Stored records
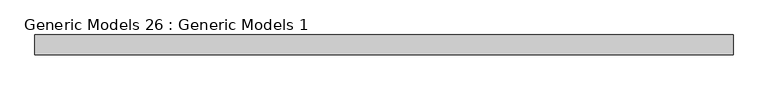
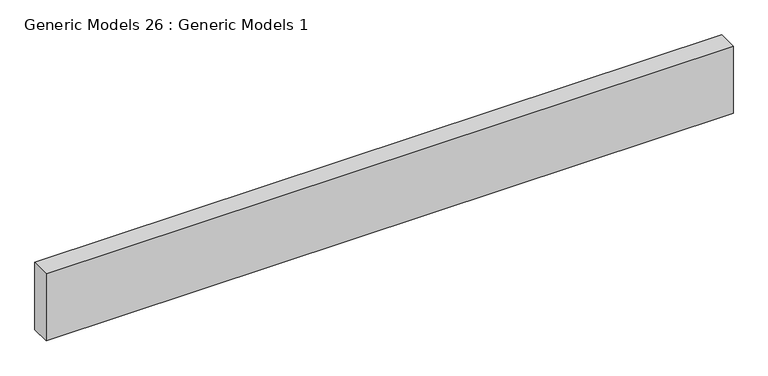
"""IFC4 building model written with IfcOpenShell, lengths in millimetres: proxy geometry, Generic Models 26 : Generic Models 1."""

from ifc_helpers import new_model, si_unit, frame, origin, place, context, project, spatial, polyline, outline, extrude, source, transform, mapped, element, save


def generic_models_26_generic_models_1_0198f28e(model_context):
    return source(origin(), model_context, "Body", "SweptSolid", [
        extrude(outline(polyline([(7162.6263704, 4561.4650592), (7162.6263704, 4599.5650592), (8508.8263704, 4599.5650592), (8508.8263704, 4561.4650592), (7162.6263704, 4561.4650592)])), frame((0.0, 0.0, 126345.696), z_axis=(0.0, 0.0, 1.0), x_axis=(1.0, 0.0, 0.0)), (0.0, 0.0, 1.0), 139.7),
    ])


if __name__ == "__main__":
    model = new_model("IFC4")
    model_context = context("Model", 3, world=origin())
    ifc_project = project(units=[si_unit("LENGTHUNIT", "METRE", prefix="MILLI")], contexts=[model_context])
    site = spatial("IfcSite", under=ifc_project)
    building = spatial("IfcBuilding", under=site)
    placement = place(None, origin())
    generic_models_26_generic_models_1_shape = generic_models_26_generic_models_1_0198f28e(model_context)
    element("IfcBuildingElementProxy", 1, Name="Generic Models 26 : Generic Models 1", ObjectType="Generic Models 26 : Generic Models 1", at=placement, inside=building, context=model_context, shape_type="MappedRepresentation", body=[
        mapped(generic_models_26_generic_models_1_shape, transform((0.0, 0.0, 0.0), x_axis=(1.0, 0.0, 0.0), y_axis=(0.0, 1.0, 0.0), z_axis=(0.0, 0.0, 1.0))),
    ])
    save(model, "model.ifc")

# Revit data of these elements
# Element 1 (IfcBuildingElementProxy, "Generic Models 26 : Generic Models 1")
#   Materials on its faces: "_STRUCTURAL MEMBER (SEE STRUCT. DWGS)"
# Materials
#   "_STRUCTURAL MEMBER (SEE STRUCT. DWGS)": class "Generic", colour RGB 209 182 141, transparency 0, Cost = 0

◆ **TASK PROMPT**: Copy out all lines above holding "frame".

◆ **TASK RESPONSE**:
from ifc_helpers import new_model, si_unit, frame, origin, place, context, project, spatial, polyline, outline, extrude, source, transform, mapped, element, save
        extrude(outline(polyline([(7162.6263704, 4561.4650592), (7162.6263704, 4599.5650592), (8508.8263704, 4599.5650592), (8508.8263704, 4561.4650592), (7162.6263704, 4561.4650592)])), frame((0.0, 0.0, 126345.696), z_axis=(0.0, 0.0, 1.0), x_axis=(1.0, 0.0, 0.0)), (0.0, 0.0, 1.0), 139.7),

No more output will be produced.